Dieci aprile 2025, New York. Gala degli italo-americani della Niaf. L’atmosfera – ci viene detto da chi c’era – è diversa rispetto alla cena di gala dell’anno scorso. Qualcosa di nuovo, nell’aria, si percepisce. Anche fuori. «Le pur sempre caotiche strade newyorchesi somigliano sempre più alle scene di Blade Runner. La confusione che arriva dalla Casa Bianca pervade il mondo intero e imperversa perfino tra le strade, nei circoli, nei ritrovi dove la politica e il business si incontrano nella Grande Mela», commenta il rettore dell’Università Link Campus di Roma, Carlo Alberto Giusti. L’accademico italiano è di casa, negli Stati Uniti.

«Tra gli smocking e le cravatte con il tricolore si può percepire quello che è stato, è e sarà sempre il nostro paese nel cuore degli Stati Uniti», dice ancora Giusti. Questo è un anno particolare, si sa. Si sente. Un anno nel quale la Niaf, organizzazione sempre attenta al respiro politico americano, percepisce in modo palpabile il riverbero della turbolenza che proviene da Washington. «E l’agitazione – confida il rettore Giusti – si coglie nei sussurri dei partecipanti». Tra i discorsi dei rappresentanti seduti nei sontuosi tavoli tondi ci sono non pochi uomini di Wall Street.

«Donald Trump – prosegue Giusti – ha ritirato con una incredibile inversione a U la minaccia dei dazi. Molti sono convinti che faccia parte di una strategia. Certamente tra i tavoli della Niaf non vi sono gli elementi che hanno convinto Donald Trump a cambiare rotta». Proprio perché è un ambiente aristocratico, d’élite, nel quale difficilmente troverebbero posto gli uomini che oggi sembrano decisivi alla Casa Bianca. Sembrerebbe bizzarro ritrovarci Rogan, colui che ha criticato il presidente sui dazi al Canada, lo youtuber che ha determinato un enorme flusso elettorale insieme a Ben Shapiro e David Scott Portnoy che sono gli influencer di quella tribù che ha aiutato Trump a tornare alla Casa Bianca.

La Niaf resta un punto di osservazione privilegiato perché è da qui che partono le azioni concrete più incisive per l’economia che dagli Stati Uniti coinvolgono il mondo intero. «Respirare la speranza, tra le coccarde tricolore e gli inni – prosegue Giusti -, riempie il cuore. La resilienza italiana resta un punto inossidabile. Gli italiani in America continuano a far sì che il paese sia vincente». E possa guardare al futuro con ottimismo nonostante le perturbazioni che fanno della politica un’arte riservata a pochi.
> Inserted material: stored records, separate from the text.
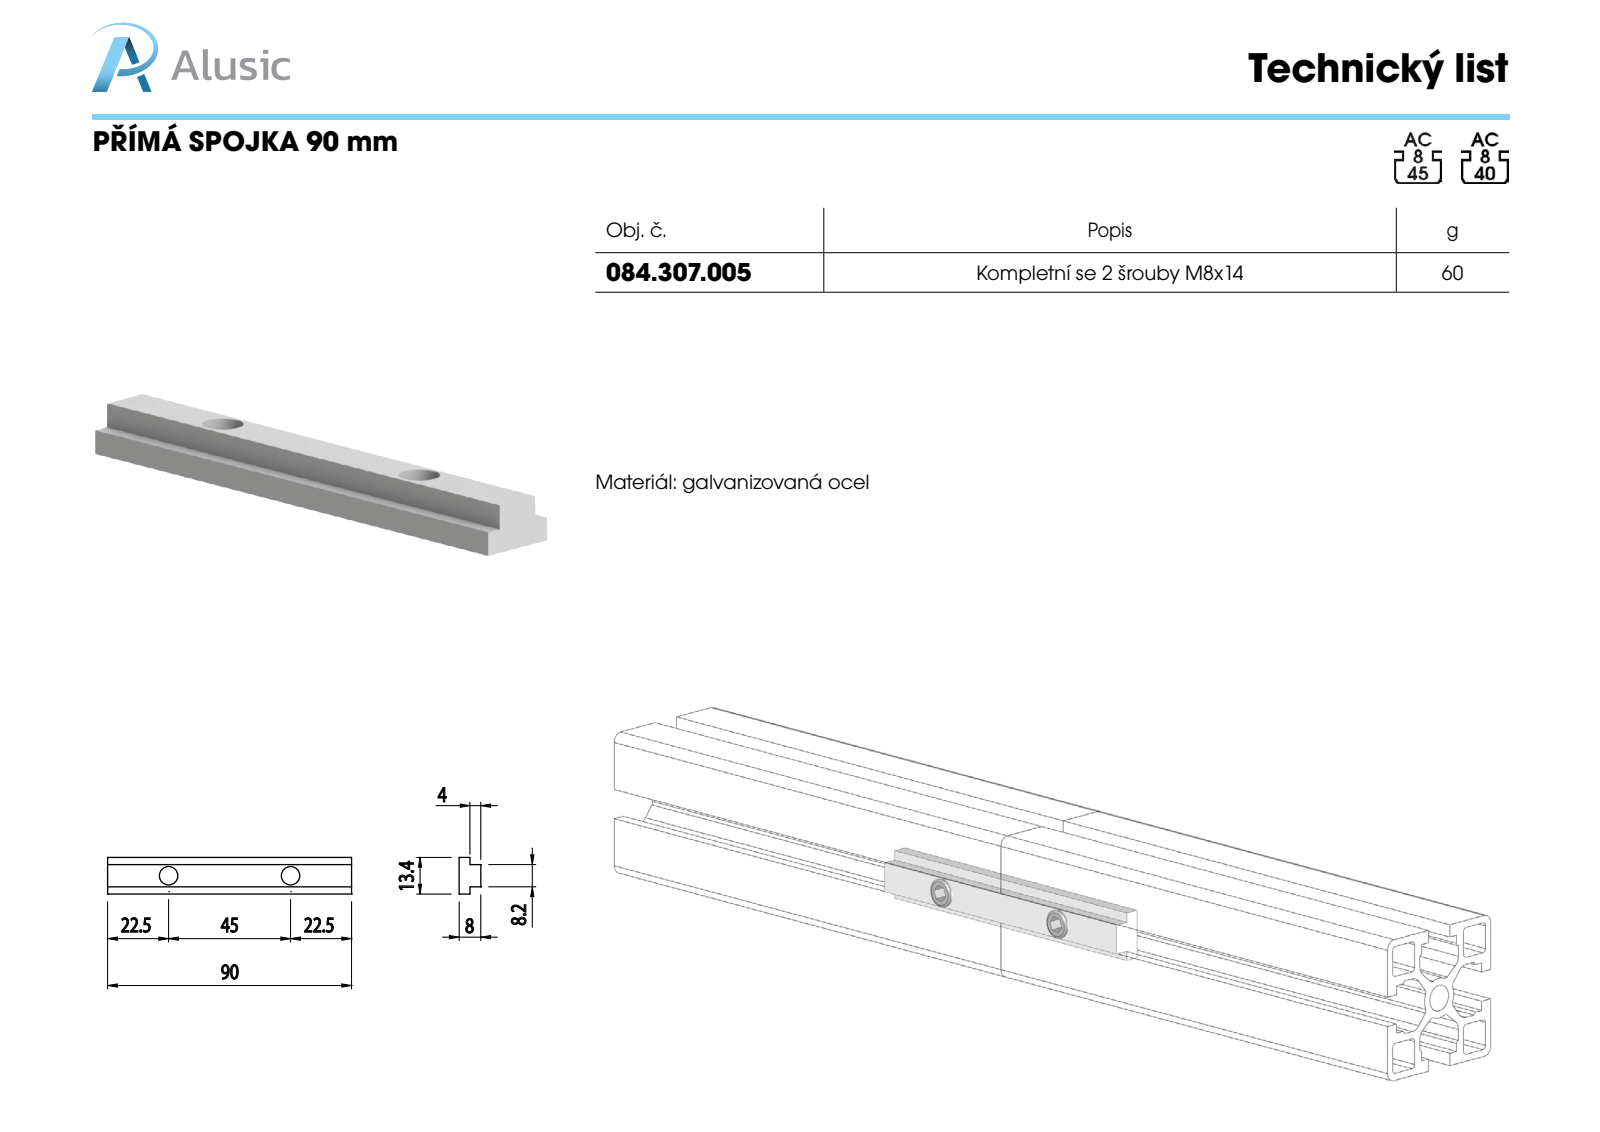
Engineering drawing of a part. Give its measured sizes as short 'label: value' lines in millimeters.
name: 084.307.005
written by: SolidWorks 2011 (CONFIG_CONTROL_DESIGN)
unit: mm
bodies: 1 solid, 14 faces (10 planar, 4 cylindrical, 0 other)
size: 90 × 13.5 × 8
volume: 7 231 mm³; area: 4 240 mm²
holes: 2× ⌀6.8
face distances: 4, 2.65, 10.85, 8, 8.2, 13.5, 90
hole spacings: 45

Il viaggio di Giorgia Meloni in questo contesto verrà ricordato come una delle missioni più complicate ma potenzialmente positive. Il 17 aprile probabilmente le condizioni dei mercati avranno ripagato delle enormi perdite dei giorni scorsi. E già l’aria positiva che si respira al Niaf potrebbe trovare una concretizzazione all’interno dei portafogli delle aziende e dei risparmiatori americani.

La Presidente del Consiglio rimane un punto di riferimento per l’amministrazione repubblicana. Il rettore Giusti conclude le sue osservazioni dal Gala newyorchese: «Grazie anche alla condivisione degli obiettivi con la presidente della Commissione europea, Ursula von der Leyen, Giorgia Meloni si fa portavoce di quei valori europei che vanno ben rappresentati nello Studio Ovale che non ha lesinato critiche non agli europei ma al sistema-Europa inteso come burocrazie. Giorgia Meloni ha il compito e la responsabilità di riportare all’attenzione del presidente Trump il ruolo strategico del primo partner degli Usa, ovvero l’Unione Europea». La comunità italiana riunita al Niaf ne conserva tutte le speranze.
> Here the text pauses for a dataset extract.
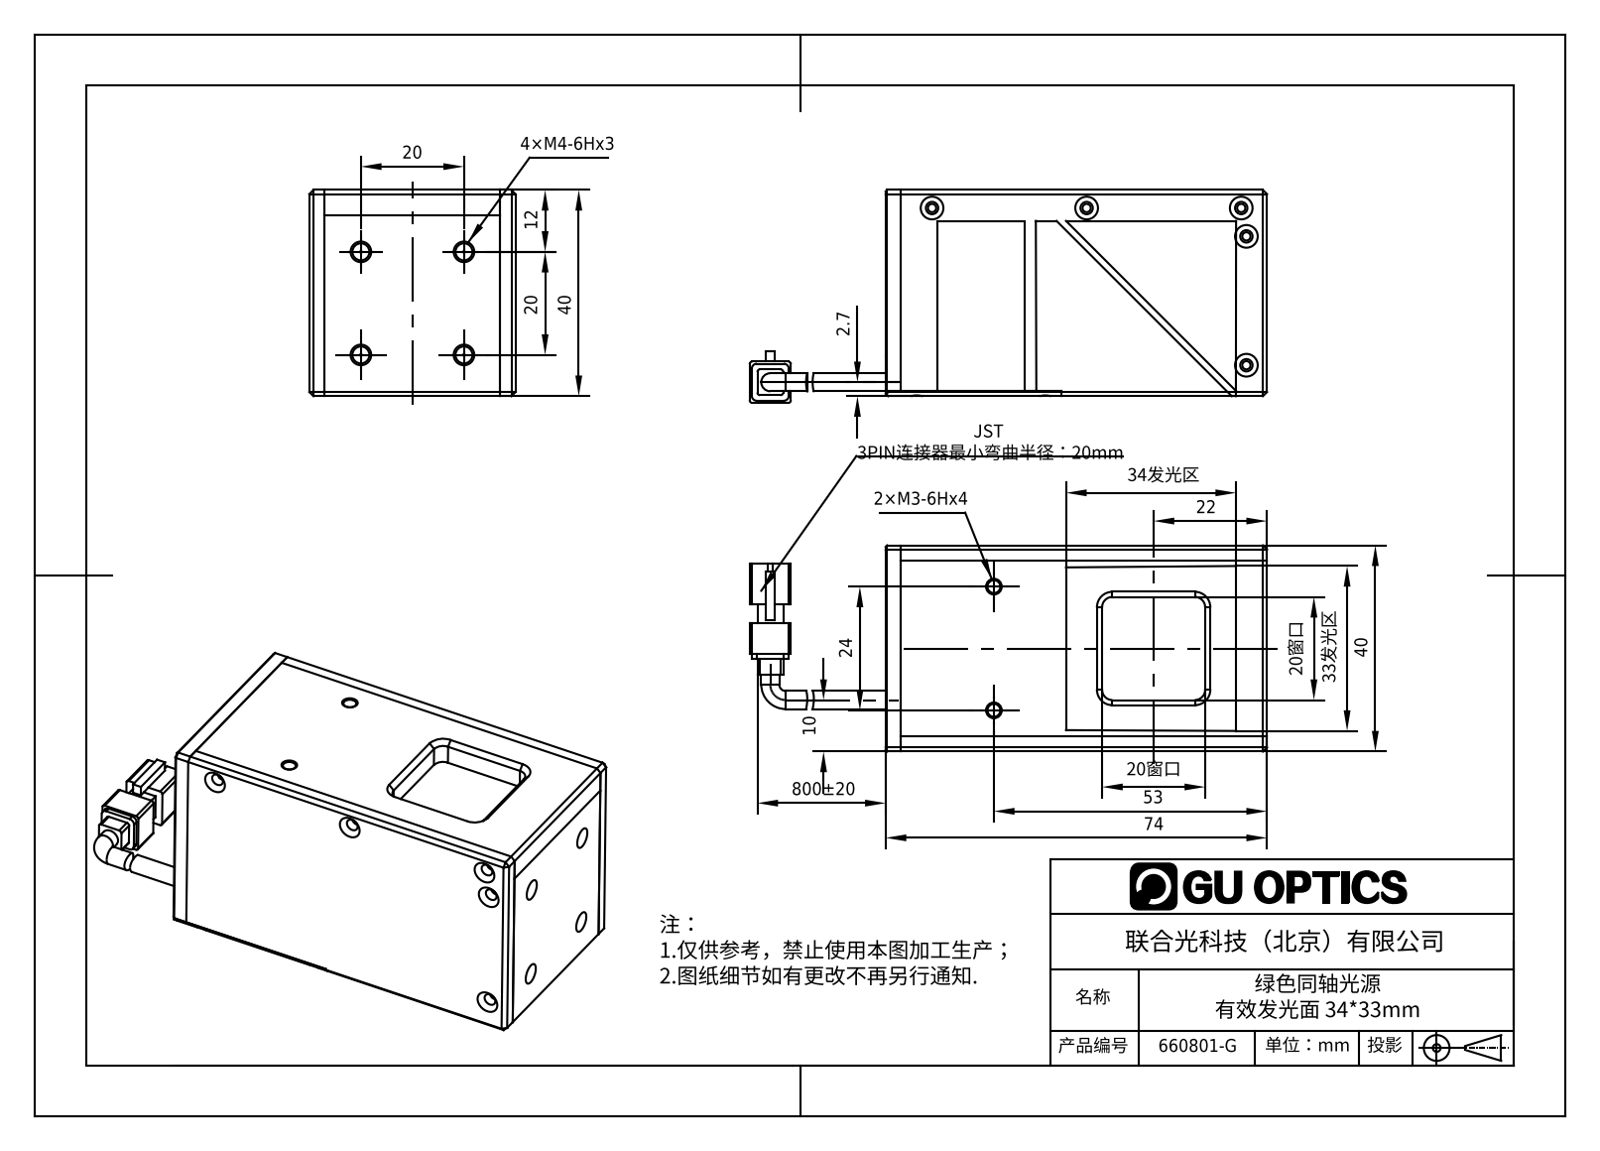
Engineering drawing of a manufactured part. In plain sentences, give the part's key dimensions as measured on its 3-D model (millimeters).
The part is named "绿色同轴光源 有效发光面 3433mm". Its 3-D file was written by "SolidWorks 2016 (AUTOMOTIVE_DESIGN)". It is 10 solids with 784 faces: 471 planar, 153 cylindrical and 160 other. Overall it measures 100.39 by 41.3 by 40 millimeters. Its volume is 48 647 cubic millimeters and its surface area 36 045 square millimeters. Round holes: 13 of diameter 1.6, 13 of diameter 2.4, 8 of diameter 4, 6 of diameter 2, 4 of diameter 3.3, 2 of diameter 2.5. Round bosses or shafts: 2 of diameter 3.5. Partial cylindrical surfaces (rounded edges, fillets, slot ends): 8 of radius 0.5, 6 of radius 0.75, 5 of radius 2, 4 of radius 1, 4 of radius 1.5, 3 of radius 1.6, 1 of radius 4. The main face-to-face distances are 1, 40, 3, 4, 36, 33, 34, 37, 6, 32. The hole center spacings are 30, 20, 25, 35, 7.5, 8.38, 11.41, 15.98.

Anche il Presidente della Regione Lazio, Francesco Rocca, si trova a New York. È lui stesso a darne conto: «Sono giornate intense tra incontri, visite e nuove opportunità di scambio per le decine di aziende, Pmi e startup che partecipano alla nostra missione. Dal Civic Hall, spazio di incontro dedicato all’innovazione civica e tecnologica, fino all’incontro con Hope Knight, Presidente dell’Empire State Development, il cuore dello sviluppo economico di New York, fino al convegno organizzato per le nostre aziende al Consolato italiano, continuiamo a lavorare per valorizzare la straordinaria capacità di ideare e innovare delle realtà economiche del nostro territorio. E possiamo guardare al futuro con fiducia: perché non esistono dazi o tariffe sulle idee e sulla creatività, in cui le aziende italiane e in particolare quelle del Lazio eccellono».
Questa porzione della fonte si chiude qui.